На прощанье хотелось много сказать адмиралу: сказать, что благодаря ему мы посвятили жизнь свою флоту, что мы полюбили и море и флотскую службу… но язык, как назло, бормотал лишь несвязные слова…
Где-то пробили часы: семь. Мы отняли у адмирала четыре драгоценных часа!
А дома было полно гостей в этот вечер: пришли Русьев, Серго, еще два офицера, слушатели Морской академии, блондинка в черном шелковом платье — врач Клавдия Дмитриевна; она рассказывала какой-то анекдот, все смеялись, Серго — больше всех, и она сама непрестанно смеялась.
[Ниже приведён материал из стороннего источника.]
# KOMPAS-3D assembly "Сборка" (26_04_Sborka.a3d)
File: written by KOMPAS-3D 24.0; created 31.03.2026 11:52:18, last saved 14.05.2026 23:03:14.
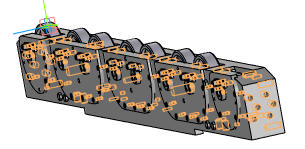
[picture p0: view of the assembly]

Document properties: Автор: taras; Полное имя файла: E:\test_kompas\all_v22\26_04_Sborka.a3d

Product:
- Component [detail]: Деталь  | qty 1  | pos. 2  | Масса: 261.985445; source file: C:\Users\Family\Desktop\kommpas\3.1.8 дет.45 Балка(оригинал) (1).m3d
- Component [detail]: Деталь  | qty 1  | pos. 3  | Масса: 21.934157; Организация: TMK; Автор: TMK; source file: C:\Users\Family\Desktop\kommpas\3.1.8  дет.46.2 Крышка балки (2).m3d
- Component [detail]: Деталь  | qty 1  | pos. 4  | Масса: 21.934157; Организация: TMK; Автор: TMK; source file: C:\Users\Family\Desktop\kommpas\3.1.8  дет.46.2 Крышка балки (2).m3d
- Component [detail]: Деталь  | qty 1  | pos. 5  | Масса: 9.688835; source file: C:\Users\Family\Desktop\kommpas\Крышка балки 1 окончательная (3).m3d
- Component [detail]: Деталь  | qty 1  | pos. 6  | Масса: 2.046242; Организация: TMK; Автор: TMK; source file: C:\Users\Family\Desktop\kommpas\3.1.8 дет.74 Ось кронштейна крепления опорного ролика(новый блок) (1).m3d
- Component [detail]: Деталь  | qty 1  | pos. 7  | Масса: 2.046242; Организация: TMK; Автор: TMK; source file: C:\Users\Family\Desktop\kommpas\3.1.8 дет.74 Ось кронштейна крепления опорного ролика(новый блок) (1).m3d
- Component [detail]: Деталь  | qty 1  | pos. 8  | Масса: 2.046242; Организация: TMK; Автор: TMK; source file: C:\Users\Family\Desktop\kommpas\3.1.8 дет.74 Ось кронштейна крепления опорного ролика(новый блок) (1).m3d
- Component [detail]: Деталь  | qty 1  | pos. 12  | Масса: 19.948382; Автор: taras; source file: C:\Users\Family\Desktop\kommpas\05.04 крышка200.m3d
- Component [detail]: Деталь  | qty 1  | pos. 13  | Масса: 2.046242; Организация: TMK; Автор: TMK; source file: C:\Users\Family\Desktop\kommpas\3.1.8 дет.74 Ось кронштейна крепления опорного ролика(новый блок) (1).m3d
- Component [detail]: Деталь  | qty 1  | pos. 14  | Масса: 2.046242; Организация: TMK; Автор: TMK; source file: C:\Users\Family\Desktop\kommpas\3.1.8 дет.74 Ось кронштейна крепления опорного ролика(новый блок) (1).m3d
- Component [detail]: Деталь  | qty 1  | pos. 15  | Масса: 9.688835; source file: C:\Users\Family\Desktop\kommpas\Крышка балки 1 окончательная (3).m3d
- Component [detail]: Деталь  | qty 1  | pos. 16  | Масса: 2.046242; Организация: TMK; Автор: TMK; source file: C:\Users\Family\Desktop\kommpas\3.1.8 дет.74 Ось кронштейна крепления опорного ролика(новый блок) (1).m3d
- Component [standard]: Винт М10-6gx20 ГОСТ 11738-84  | qty 31  | pos. 17  | Масса: 0.02351; Раздел спецификации: Стандартные изделия; Рассекать на разрезах: no
- Component [detail]: Деталь  | qty 1  | pos. 19  | Масса: 2.046242; Организация: TMK; Автор: TMK; source file: C:\Users\Family\Desktop\kommpas\3.1.8 дет.74 Ось кронштейна крепления опорного ролика(новый блок) (1).m3d
- Component [detail]: Деталь  | qty 1  | pos. 20  | Масса: 2.046242; Организация: TMK; Автор: TMK; source file: C:\Users\Family\Desktop\kommpas\3.1.8 дет.74 Ось кронштейна крепления опорного ролика(новый блок) (1).m3d
- Component [detail]: Деталь  | qty 1  | pos. 21  | Масса: 0.134151; Организация: TMK; Автор: TMK; source file: C:\Users\Family\Desktop\kommpas\Planka_rigelnaya (1).m3d
- Component [detail]: Деталь  | qty 1  | pos. 22  | Масса: 0.134151; Организация: TMK; Автор: TMK; source file: C:\Users\Family\Desktop\kommpas\Planka_rigelnaya (1).m3d
- Component [detail]: Деталь  | qty 1  | pos. 23  | Масса: 0.134151; Организация: TMK; Автор: TMK; source file: C:\Users\Family\Desktop\kommpas\Planka_rigelnaya (1).m3d
- Component [detail]: Деталь  | qty 1  | pos. 24  | Масса: 0.134151; Организация: TMK; Автор: TMK; source file: C:\Users\Family\Desktop\kommpas\Planka_rigelnaya (1).m3d
- Component [detail]: Деталь  | qty 1  | pos. 25  | Масса: 0.134151; Организация: TMK; Автор: TMK; source file: C:\Users\Family\Desktop\kommpas\Planka_rigelnaya (1).m3d
- Component [detail]: Деталь  | qty 1  | pos. 26  | Масса: 0.134151; Организация: TMK; Автор: TMK; source file: C:\Users\Family\Desktop\kommpas\Planka_rigelnaya (1).m3d
- Component [detail]: Деталь  | qty 1  | pos. 27  | Масса: 0.134151; Организация: TMK; Автор: TMK; source file: C:\Users\Family\Desktop\kommpas\Planka_rigelnaya (1).m3d
- Component [detail]: Деталь  | qty 1  | pos. 28  | Масса: 0.134151; Организация: TMK; Автор: TMK; source file: C:\Users\Family\Desktop\kommpas\Planka_rigelnaya (1).m3d
- Component [standard]: Подшипник 318 ГОСТ 8338-75  | qty 7  | pos. 29  | Масса: 4.954; Раздел спецификации: Стандартные изделия; additional columns: 318
- Component [standard]: Болт М16-6gx170 ГОСТ 7795-70  | qty 6  | pos. 30  | Масса: 0.2633; Раздел спецификации: Стандартные изделия; Рассекать на разрезах: no
- Component [standard]: Винт М12-6gx20 ГОСТ 11738-84  | qty 16  | pos. 31  | Масса: 0.03416; Раздел спецификации: Стандартные изделия; Рассекать на разрезах: no
- Part/product: Сборка
    Масса: 400.156123

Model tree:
1. Контекстная связь:2  (with: Грань.Вырезать элемент выдавливания:15, Контекстная связь (Деталь (1)):2, Отверстие:2, Вырезать элемент выдавливания:22, Элемент выдавливания:2, Вырезать элемент выдавливания:16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)  (labels: Скругление:2; Скругление:1; Скругление:2; Скругление:2)
     Ориентация = 2

Referenced files in C:\Users\Family\Desktop\kommpas\: 3.1.8 дет.45 Балка(оригинал) (1).m3d, 3.1.8  дет.46.2 Крышка балки (2).m3d, Крышка балки 1 окончательная (3).m3d, 05.04 крышка200.m3d, 3.1.8 дет.74 Ось кронштейна крепления опорного ролика(новый блок) (1).m3d, Planka_rigelnaya (1).m3d
Referenced files in C:\Users\taras\Downloads\: 3.1.8 дет.74 Ось кронштейна крепления опорного ролика(новый блок) (2).m3d, 3.1.8  дет.46.2 Крышка балки (2).m3d, 3.1.8 дет.74 Ось кронштейна крепления опорного ролика(новый блок) (1).m3d, Крышка балки 1 окончательная (3).m3d, Planka_rigelnaya (1).m3d
Referenced files in C:\Program Files\ASCON\KOMPAS-3D v24\Libs\PolynomLib\DATA\vault\Methods\Kompas\3D\: PLib_Screw_GOST_11738_1500.m3d, PLib_Bolt_1_900.m3d
Referenced files in C:\Program Files\ASCON\KOMPAS-3D v24\Libs\PolynomLib\DATA\vault\Methods\Kompas\3D\Bearings\8338_75\: PLib_Bearing_GOST_8338_75_712.a3d
Referenced files in C:\Program Files\ASCON\KOMPAS-3D v23 Study\Libs\PolynomLib\DATA\vault\Methods\Kompas\3D\: PLib_Screw_GOST_11738_1500.m3d, PLib_Bolt_1_900.m3d
Referenced files in C:\Program Files\ASCON\KOMPAS-3D v23 Study\Libs\PolynomLib\DATA\vault\Methods\Kompas\3D\Bearings\8338_75\: PLib_Bearing_GOST_8338_75_712.a3d
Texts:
  BOSimple***PART:419c87c2-70e2-98da-c2de-5eacb226740c***SHORTLOC:Root±30±20±10±80±10±GMC90[Нет;Без покрытия;Без указания материала;1,5;-;20;10]
  BOSimple***PART:61ab3e34-d848-86f0-c4aa-2b99c9f755c6***SHORTLOC:Root±Pac-16±Pac10±GMC20±GMC30±GMC10±GMC24[90;190;43]
  Крепежное изделие ГОСТ
  BOSimple***PART:9b7fe62b-1d30-3d6e-6be6-01a0e1891a36***SHORTLOC:Root±30±20±10±80±10±©{}30±©{BASE}130±190[Нет;Без покрытия;Без указания материала;170;16;22;2;-]
  BOSimple***PART:d3aa4c40-18a1-862e-ff95-3d42db175957***SHORTLOC:Root±30±20±10±80±10±GMC90[Нет;Без покрытия;Без указания материала;1,75;-;20;12]
  Программные изделия  и базы данных
  Деталь (1)
  Деталь (2)
  Деталь (3)
  Деталь (4)
  Деталь (5)
  Деталь (6)
  Деталь (7)
  Деталь (8)
  Подшипник 318 ГОСТ 8338-75 (1)
  Подшипник 318 ГОСТ 8338-75 (2)
  Подшипник 318 ГОСТ 8338-75 (3)
  Подшипник 318 ГОСТ 8338-75 (4)
  Подшипник 318 ГОСТ 8338-75 (5)
  Подшипник 318 ГОСТ 8338-75 (6)
  Подшипник 318 ГОСТ 8338-75 (7)
  Болт М16-6gx170 ГОСТ 7795-70 (1)
  hole1
  hole2
  Болт М16-6gx170 ГОСТ 7795-70 (2)
  Болт М16-6gx170 ГОСТ 7795-70 (3)
  Болт М16-6gx170 ГОСТ 7795-70 (4)
  Болт М16-6gx170 ГОСТ 7795-70 (5)
  Болт М16-6gx170 ГОСТ 7795-70 (6)
  Радус под головкой

Мне показалось, что она делает это лишь для того, чтобы все видели, какие у нее белые, ровные зубы. Отец спросил:
— Ну, как встретил вас адмирал?
Все принялись вспоминать адмирала: одному он помог перед экзаменами, другого выручил, когда его хотели исключить из училища.
Серго был в ударе и рассказывал о боях, чего раньше с ним никогда не бывало. Мама старалась не пропустить ни одного слова — отец не охотник вспоминать пережитое.
Клавдия Дмитриевна улыбалась, хотя ничего смешного в рассказе Серго не было. Русьев косился на нее, топорща светлые усики.
Не дослушав, я ушел в свою комнату. «Антонина, у тебя будет мачеха! Хорошо, что ты взрослая. У этой Клавдии Дмитриевны — улыбка фальшивая, глаза — тоже фальшивые, и так и кажется, что они мигом могут сощуриться и стать злыми, а улыбка превратится в гримасу… Но я тебя в обиду не дам!»
Тут вошел Серго.
— Никита, у тебя где-то альбом с нашими фотоснимками.
Он увидел портрет Антонины. Портрет стоял в рамке и надписи не было видно.
— До чего же она похожа на мать! Ты знаешь, у нее даже интонации стали Аннушкины…
Серго призадумался, перебирая густые черные усики. Он забыл, что пришел за альбомом.
— Никита, скажи, как бы она отнеслась к новой матери?
— Она никогда не забудет мать, — ответил я резко; он подтвердил:
— Я тоже думаю, не забудет. И я ни за что бы не пошел на это, — продолжал он, словно в чем-то сам себя убеждая, — если бы ей было лет двенадцать, тринадцать. Но ей — восемнадцать, она взрослая, я могу устраивать свою жизнь. Не могу больше жить в одиночестве, это слишком тяжело, Никита…
Он словно оправдывался передо мной. А что я мог ему посоветовать? Чтобы он не женился? Да какое я имел право вмешиваться в его жизнь? Ему уже за сорок…
— Серго, что же вы? — нетерпеливо позвал его «ее» голос.